- Opening Delimiter -
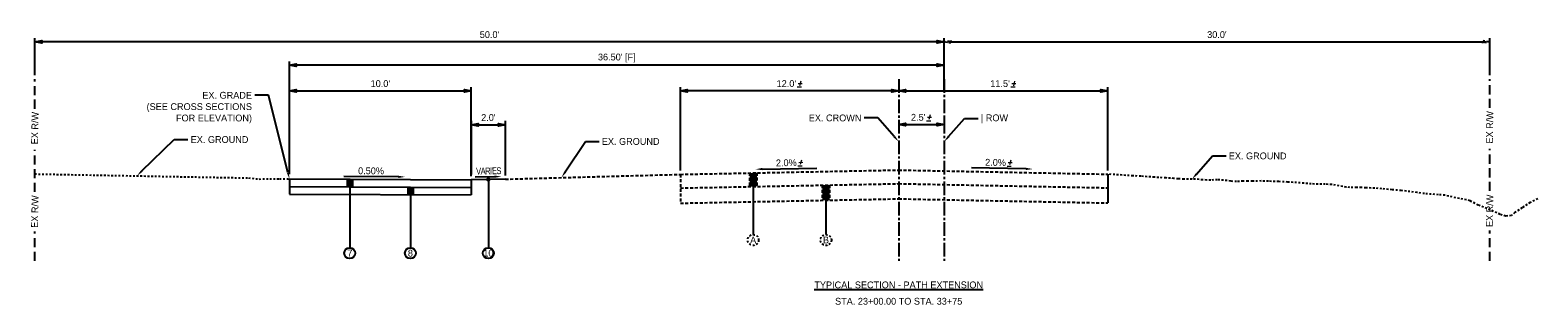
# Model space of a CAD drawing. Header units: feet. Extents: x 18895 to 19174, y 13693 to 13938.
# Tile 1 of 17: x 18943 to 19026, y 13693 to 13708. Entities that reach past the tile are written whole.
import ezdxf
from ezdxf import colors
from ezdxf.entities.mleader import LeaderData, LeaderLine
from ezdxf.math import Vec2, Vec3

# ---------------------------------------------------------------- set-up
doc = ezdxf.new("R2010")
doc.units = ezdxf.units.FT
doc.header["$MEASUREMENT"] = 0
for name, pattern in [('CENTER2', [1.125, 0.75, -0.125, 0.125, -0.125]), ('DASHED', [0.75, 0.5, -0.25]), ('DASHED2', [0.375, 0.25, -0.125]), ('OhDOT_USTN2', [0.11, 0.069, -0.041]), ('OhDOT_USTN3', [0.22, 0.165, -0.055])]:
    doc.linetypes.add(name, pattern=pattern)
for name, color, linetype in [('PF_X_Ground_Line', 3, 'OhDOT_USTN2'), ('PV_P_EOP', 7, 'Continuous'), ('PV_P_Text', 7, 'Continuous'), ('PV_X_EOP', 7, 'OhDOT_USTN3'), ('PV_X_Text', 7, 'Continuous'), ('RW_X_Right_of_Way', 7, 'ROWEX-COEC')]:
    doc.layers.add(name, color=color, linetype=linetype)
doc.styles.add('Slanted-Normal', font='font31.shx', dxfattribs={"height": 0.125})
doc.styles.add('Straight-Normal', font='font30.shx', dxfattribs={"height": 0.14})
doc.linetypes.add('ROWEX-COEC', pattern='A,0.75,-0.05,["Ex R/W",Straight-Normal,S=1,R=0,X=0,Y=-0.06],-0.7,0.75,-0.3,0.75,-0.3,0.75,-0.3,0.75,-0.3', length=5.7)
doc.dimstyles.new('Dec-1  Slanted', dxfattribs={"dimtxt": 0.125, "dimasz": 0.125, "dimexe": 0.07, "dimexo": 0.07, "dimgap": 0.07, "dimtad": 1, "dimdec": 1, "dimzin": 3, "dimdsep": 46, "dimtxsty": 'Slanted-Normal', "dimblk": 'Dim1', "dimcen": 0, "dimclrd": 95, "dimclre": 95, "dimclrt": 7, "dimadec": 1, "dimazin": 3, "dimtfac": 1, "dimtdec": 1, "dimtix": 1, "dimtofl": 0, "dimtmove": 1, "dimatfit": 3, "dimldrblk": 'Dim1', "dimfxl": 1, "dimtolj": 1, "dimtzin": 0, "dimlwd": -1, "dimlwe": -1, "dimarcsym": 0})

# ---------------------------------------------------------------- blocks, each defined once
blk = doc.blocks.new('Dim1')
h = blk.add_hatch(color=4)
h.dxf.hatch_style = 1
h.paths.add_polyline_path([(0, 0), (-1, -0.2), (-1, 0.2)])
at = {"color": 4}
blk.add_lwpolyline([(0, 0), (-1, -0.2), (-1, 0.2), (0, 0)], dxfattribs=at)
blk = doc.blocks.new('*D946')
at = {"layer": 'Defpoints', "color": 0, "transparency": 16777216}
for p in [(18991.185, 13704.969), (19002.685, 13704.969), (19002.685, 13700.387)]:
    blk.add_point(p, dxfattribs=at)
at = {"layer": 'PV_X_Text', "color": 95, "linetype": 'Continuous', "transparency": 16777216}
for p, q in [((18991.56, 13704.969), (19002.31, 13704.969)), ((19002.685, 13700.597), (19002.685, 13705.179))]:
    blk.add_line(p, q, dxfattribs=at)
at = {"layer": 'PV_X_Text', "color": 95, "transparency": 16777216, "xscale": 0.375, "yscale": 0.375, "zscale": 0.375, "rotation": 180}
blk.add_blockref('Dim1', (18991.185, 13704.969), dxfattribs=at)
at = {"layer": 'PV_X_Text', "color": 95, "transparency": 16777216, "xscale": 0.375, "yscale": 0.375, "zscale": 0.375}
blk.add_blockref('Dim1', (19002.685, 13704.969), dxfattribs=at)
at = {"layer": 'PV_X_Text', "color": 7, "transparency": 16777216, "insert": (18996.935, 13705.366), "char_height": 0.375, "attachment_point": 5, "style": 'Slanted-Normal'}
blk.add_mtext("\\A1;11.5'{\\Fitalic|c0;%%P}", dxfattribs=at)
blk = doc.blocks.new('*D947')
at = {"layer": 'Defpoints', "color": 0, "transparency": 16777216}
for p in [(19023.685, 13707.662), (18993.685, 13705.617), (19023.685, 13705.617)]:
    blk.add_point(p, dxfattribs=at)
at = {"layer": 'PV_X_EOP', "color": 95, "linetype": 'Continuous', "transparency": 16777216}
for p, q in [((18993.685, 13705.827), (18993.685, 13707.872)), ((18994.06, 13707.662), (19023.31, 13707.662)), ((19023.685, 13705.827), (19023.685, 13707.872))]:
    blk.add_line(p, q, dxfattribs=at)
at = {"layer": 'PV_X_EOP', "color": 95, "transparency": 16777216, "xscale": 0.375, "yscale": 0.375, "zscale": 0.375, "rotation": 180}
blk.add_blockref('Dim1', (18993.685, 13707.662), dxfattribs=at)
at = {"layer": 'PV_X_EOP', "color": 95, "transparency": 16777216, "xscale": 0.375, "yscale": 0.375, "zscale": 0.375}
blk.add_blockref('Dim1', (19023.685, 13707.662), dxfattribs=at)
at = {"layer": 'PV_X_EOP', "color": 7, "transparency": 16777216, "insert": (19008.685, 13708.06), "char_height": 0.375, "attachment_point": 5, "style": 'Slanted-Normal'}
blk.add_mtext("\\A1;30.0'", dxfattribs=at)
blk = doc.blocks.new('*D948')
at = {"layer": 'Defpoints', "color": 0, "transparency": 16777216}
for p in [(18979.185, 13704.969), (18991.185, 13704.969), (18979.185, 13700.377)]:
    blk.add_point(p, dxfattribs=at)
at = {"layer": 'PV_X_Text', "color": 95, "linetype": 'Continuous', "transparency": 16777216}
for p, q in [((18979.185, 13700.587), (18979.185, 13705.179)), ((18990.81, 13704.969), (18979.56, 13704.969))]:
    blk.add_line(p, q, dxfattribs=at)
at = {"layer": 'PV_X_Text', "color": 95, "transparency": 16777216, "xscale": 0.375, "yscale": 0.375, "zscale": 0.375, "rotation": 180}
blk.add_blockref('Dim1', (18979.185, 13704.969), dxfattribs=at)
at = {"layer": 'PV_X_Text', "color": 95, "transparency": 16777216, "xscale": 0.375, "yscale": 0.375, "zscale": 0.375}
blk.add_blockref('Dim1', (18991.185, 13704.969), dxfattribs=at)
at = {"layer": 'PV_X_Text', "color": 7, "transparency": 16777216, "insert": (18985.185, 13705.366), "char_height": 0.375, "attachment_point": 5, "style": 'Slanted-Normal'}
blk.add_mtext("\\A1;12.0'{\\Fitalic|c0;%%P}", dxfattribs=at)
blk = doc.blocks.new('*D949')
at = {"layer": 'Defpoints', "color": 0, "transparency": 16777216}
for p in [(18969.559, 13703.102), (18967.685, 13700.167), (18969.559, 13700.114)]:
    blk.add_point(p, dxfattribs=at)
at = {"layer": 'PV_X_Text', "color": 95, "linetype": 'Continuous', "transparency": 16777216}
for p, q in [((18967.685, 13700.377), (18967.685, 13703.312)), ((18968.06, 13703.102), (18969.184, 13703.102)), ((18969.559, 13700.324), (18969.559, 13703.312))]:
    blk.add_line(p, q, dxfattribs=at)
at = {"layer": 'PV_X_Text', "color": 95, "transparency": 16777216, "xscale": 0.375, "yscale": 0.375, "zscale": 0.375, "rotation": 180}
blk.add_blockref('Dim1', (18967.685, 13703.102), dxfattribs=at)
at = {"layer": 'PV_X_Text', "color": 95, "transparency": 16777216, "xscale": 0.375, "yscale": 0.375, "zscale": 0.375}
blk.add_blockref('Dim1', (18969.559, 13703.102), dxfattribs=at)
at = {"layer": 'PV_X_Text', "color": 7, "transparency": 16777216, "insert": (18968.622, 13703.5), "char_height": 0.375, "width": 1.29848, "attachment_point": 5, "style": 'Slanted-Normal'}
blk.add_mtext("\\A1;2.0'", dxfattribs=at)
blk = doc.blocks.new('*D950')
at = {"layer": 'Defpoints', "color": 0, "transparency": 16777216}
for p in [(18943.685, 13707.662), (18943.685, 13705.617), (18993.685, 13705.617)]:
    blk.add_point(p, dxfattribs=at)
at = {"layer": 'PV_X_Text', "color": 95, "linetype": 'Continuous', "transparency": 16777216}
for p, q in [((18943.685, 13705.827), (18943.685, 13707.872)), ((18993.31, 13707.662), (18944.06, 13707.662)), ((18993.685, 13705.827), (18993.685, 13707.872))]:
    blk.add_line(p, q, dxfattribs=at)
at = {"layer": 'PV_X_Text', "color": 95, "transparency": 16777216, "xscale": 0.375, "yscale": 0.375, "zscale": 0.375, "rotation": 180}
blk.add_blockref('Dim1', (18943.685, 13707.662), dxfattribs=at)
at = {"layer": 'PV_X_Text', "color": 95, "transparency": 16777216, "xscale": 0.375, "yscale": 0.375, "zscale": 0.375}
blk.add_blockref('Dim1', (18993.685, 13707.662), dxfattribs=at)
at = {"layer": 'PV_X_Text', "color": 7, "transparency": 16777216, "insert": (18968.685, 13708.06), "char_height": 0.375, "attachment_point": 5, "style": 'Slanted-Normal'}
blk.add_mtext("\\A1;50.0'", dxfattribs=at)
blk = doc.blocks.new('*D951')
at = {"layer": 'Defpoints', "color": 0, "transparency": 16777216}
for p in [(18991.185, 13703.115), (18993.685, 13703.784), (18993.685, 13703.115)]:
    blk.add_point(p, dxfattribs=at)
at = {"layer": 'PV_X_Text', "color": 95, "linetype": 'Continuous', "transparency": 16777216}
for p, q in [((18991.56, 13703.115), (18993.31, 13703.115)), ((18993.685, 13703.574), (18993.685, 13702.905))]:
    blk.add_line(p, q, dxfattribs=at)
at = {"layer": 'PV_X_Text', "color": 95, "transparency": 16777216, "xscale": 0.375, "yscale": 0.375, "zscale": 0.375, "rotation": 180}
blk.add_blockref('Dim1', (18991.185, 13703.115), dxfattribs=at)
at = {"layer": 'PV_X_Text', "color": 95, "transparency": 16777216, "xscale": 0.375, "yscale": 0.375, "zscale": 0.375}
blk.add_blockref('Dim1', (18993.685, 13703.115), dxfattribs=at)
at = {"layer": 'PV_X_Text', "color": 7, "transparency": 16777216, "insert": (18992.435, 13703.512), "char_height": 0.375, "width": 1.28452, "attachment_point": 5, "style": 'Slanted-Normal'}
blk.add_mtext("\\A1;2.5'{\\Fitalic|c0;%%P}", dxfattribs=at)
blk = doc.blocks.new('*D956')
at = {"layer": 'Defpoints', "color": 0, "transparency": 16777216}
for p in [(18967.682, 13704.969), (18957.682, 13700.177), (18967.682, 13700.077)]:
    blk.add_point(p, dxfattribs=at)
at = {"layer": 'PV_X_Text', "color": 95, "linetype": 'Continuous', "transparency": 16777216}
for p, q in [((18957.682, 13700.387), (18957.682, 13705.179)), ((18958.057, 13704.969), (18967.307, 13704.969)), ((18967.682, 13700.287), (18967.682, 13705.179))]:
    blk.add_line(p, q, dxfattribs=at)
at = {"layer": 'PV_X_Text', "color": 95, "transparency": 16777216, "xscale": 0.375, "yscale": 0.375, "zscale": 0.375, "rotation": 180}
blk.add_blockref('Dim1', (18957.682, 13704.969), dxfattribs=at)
- Closing Delimiter -
▶ [WORK REQUEST]: Determine how many lines of the material hold the string "Straight", and state that number by itself.

▶ [WRITTEN RESPONSE]: 2